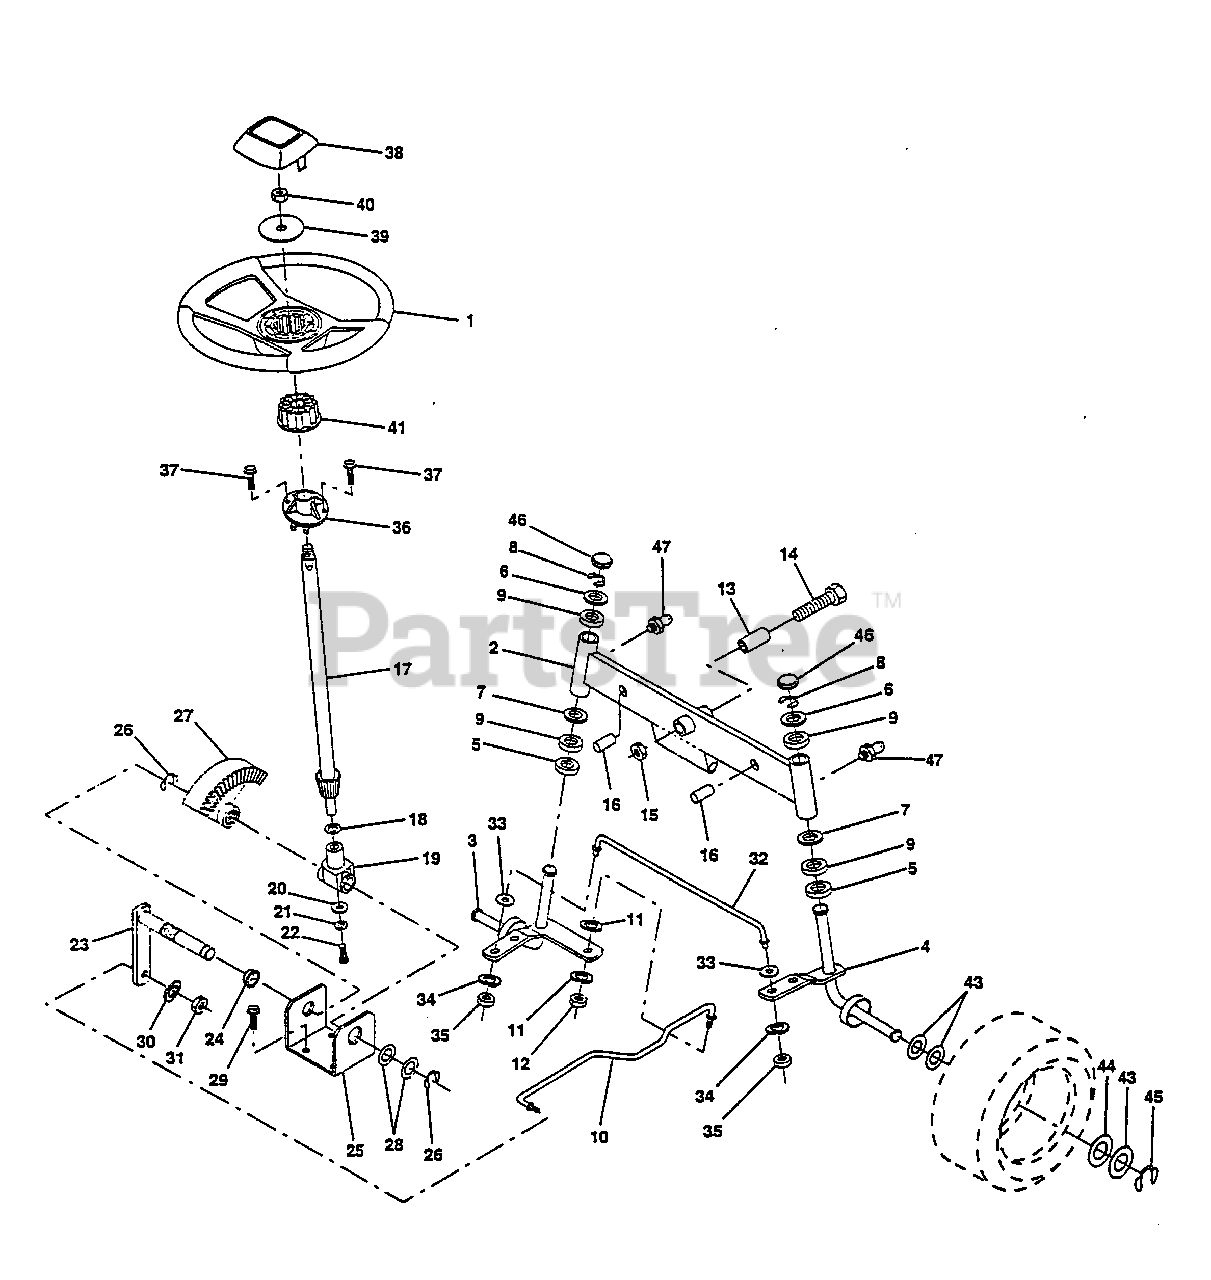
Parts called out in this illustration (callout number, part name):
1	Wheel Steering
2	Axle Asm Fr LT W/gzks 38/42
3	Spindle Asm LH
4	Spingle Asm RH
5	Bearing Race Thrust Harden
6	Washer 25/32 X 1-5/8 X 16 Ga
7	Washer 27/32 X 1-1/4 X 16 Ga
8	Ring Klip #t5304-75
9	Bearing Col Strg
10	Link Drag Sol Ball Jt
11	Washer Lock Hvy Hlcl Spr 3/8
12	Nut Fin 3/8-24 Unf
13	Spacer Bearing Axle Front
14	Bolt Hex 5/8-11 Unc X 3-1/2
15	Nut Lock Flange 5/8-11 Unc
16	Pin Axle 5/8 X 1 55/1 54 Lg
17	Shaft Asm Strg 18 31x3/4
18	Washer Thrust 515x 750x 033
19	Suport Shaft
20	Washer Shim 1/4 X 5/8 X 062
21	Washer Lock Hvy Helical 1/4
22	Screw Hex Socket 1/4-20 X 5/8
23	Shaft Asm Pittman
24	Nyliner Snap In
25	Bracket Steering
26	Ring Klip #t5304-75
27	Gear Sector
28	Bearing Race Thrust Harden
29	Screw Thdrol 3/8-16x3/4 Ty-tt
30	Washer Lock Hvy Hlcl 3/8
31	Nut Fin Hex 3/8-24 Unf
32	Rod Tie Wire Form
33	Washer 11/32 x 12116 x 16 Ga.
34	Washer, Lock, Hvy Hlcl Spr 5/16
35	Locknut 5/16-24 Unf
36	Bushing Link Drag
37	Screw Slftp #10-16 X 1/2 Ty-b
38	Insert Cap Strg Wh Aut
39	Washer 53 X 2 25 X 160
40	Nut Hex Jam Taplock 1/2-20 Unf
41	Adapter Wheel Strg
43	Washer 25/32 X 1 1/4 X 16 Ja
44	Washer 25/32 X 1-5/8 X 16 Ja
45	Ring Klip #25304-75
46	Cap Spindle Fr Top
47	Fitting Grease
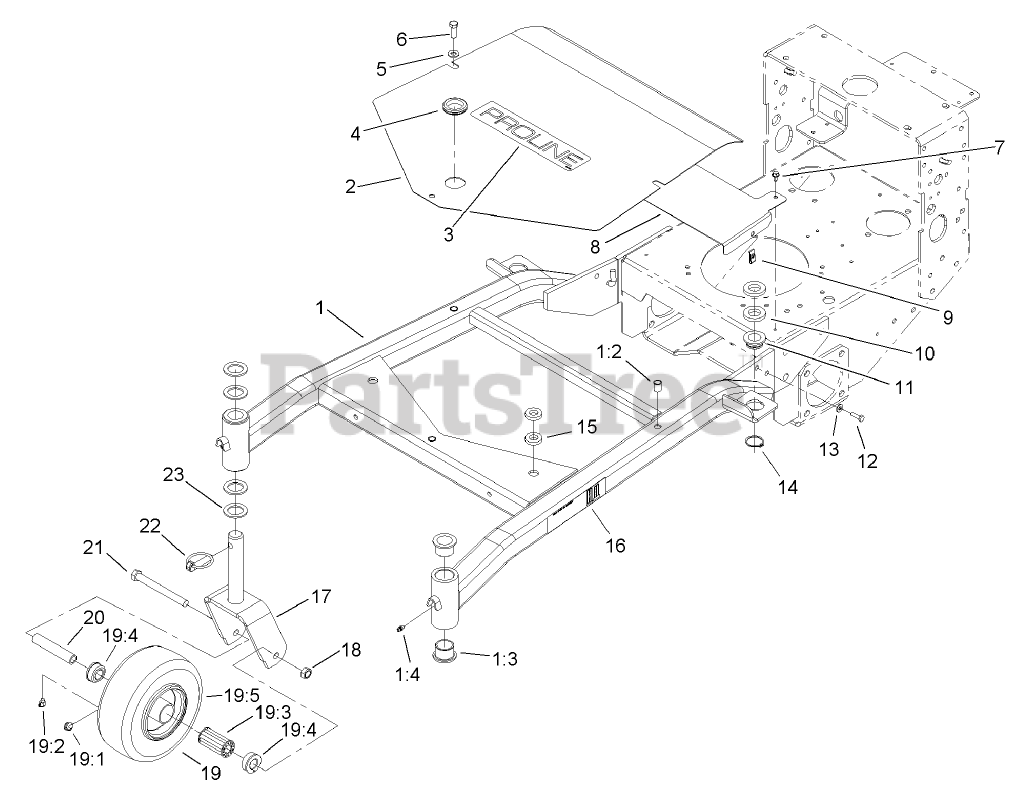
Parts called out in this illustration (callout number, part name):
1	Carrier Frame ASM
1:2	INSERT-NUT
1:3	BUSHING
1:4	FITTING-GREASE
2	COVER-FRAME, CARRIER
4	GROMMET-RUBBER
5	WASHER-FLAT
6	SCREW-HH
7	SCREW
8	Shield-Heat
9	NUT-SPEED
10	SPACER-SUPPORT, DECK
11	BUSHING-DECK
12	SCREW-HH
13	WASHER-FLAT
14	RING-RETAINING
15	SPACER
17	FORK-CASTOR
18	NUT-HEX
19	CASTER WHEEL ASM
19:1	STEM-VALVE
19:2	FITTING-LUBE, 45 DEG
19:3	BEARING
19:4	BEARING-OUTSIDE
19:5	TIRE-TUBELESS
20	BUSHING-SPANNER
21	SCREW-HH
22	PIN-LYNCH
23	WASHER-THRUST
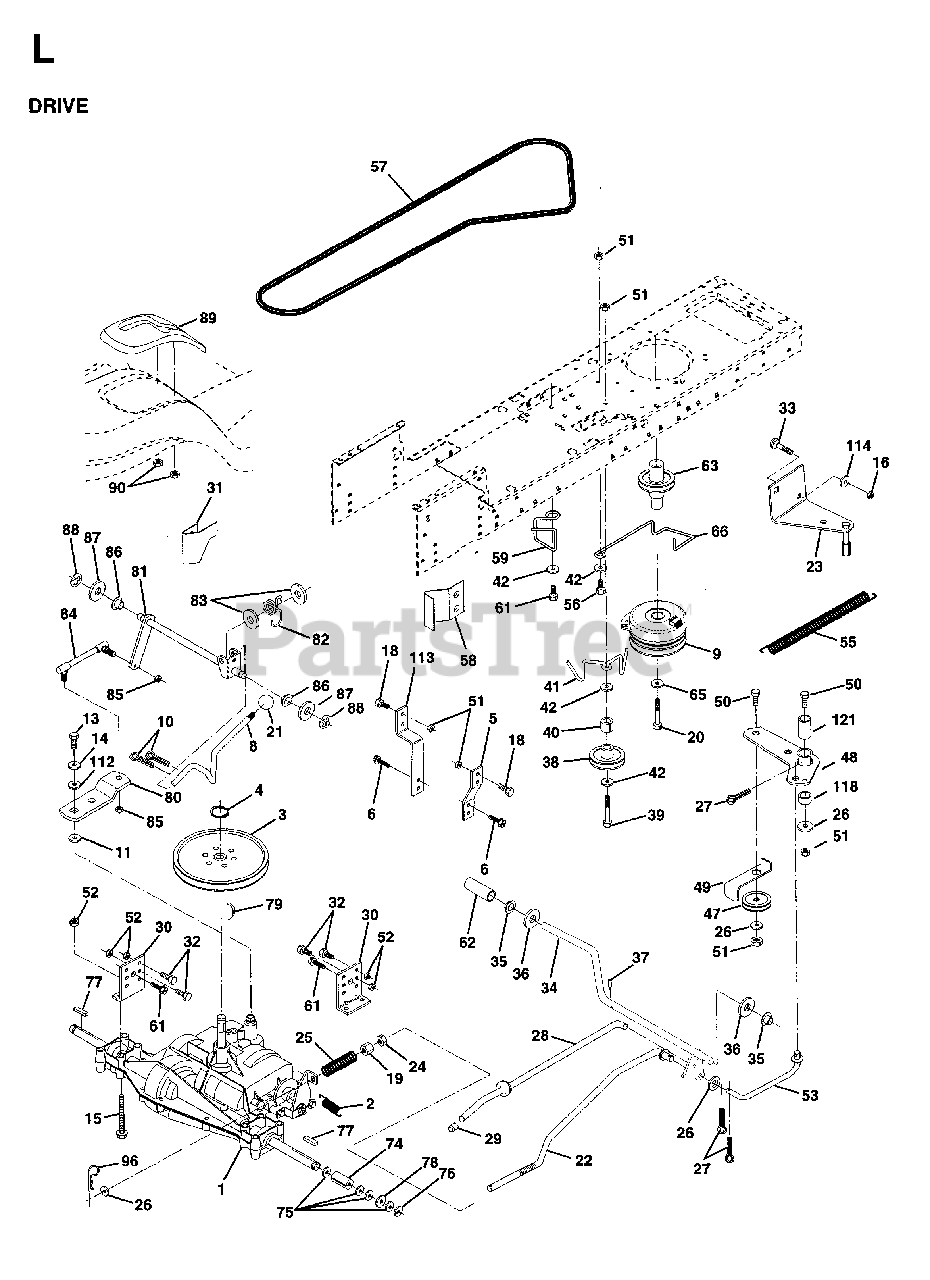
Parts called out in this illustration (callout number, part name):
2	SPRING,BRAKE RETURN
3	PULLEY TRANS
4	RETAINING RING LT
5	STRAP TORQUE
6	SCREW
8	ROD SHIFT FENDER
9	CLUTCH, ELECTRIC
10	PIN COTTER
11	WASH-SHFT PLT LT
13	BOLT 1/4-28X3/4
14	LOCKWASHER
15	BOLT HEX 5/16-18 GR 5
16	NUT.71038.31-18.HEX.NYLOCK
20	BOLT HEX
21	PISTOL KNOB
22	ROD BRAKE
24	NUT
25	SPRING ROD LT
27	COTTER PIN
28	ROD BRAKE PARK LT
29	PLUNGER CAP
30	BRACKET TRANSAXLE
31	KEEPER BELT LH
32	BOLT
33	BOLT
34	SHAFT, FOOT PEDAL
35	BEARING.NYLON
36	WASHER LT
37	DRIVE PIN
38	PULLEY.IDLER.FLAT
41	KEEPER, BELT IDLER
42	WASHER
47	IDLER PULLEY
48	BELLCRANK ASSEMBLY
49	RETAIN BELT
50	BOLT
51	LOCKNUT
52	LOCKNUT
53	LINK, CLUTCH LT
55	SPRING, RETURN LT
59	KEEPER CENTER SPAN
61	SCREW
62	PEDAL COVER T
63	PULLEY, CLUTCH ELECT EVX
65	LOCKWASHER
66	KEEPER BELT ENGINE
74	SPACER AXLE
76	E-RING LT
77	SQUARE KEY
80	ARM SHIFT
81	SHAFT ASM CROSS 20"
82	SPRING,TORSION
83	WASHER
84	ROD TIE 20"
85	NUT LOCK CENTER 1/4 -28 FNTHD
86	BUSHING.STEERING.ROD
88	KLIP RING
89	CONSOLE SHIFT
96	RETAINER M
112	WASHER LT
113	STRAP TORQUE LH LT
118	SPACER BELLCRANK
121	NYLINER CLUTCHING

+---+

*Your objective:* Above are the records; report each line in them that includes the word "RETURN".

*Response area:*
2	SPRING,BRAKE RETURN
55	SPRING, RETURN LT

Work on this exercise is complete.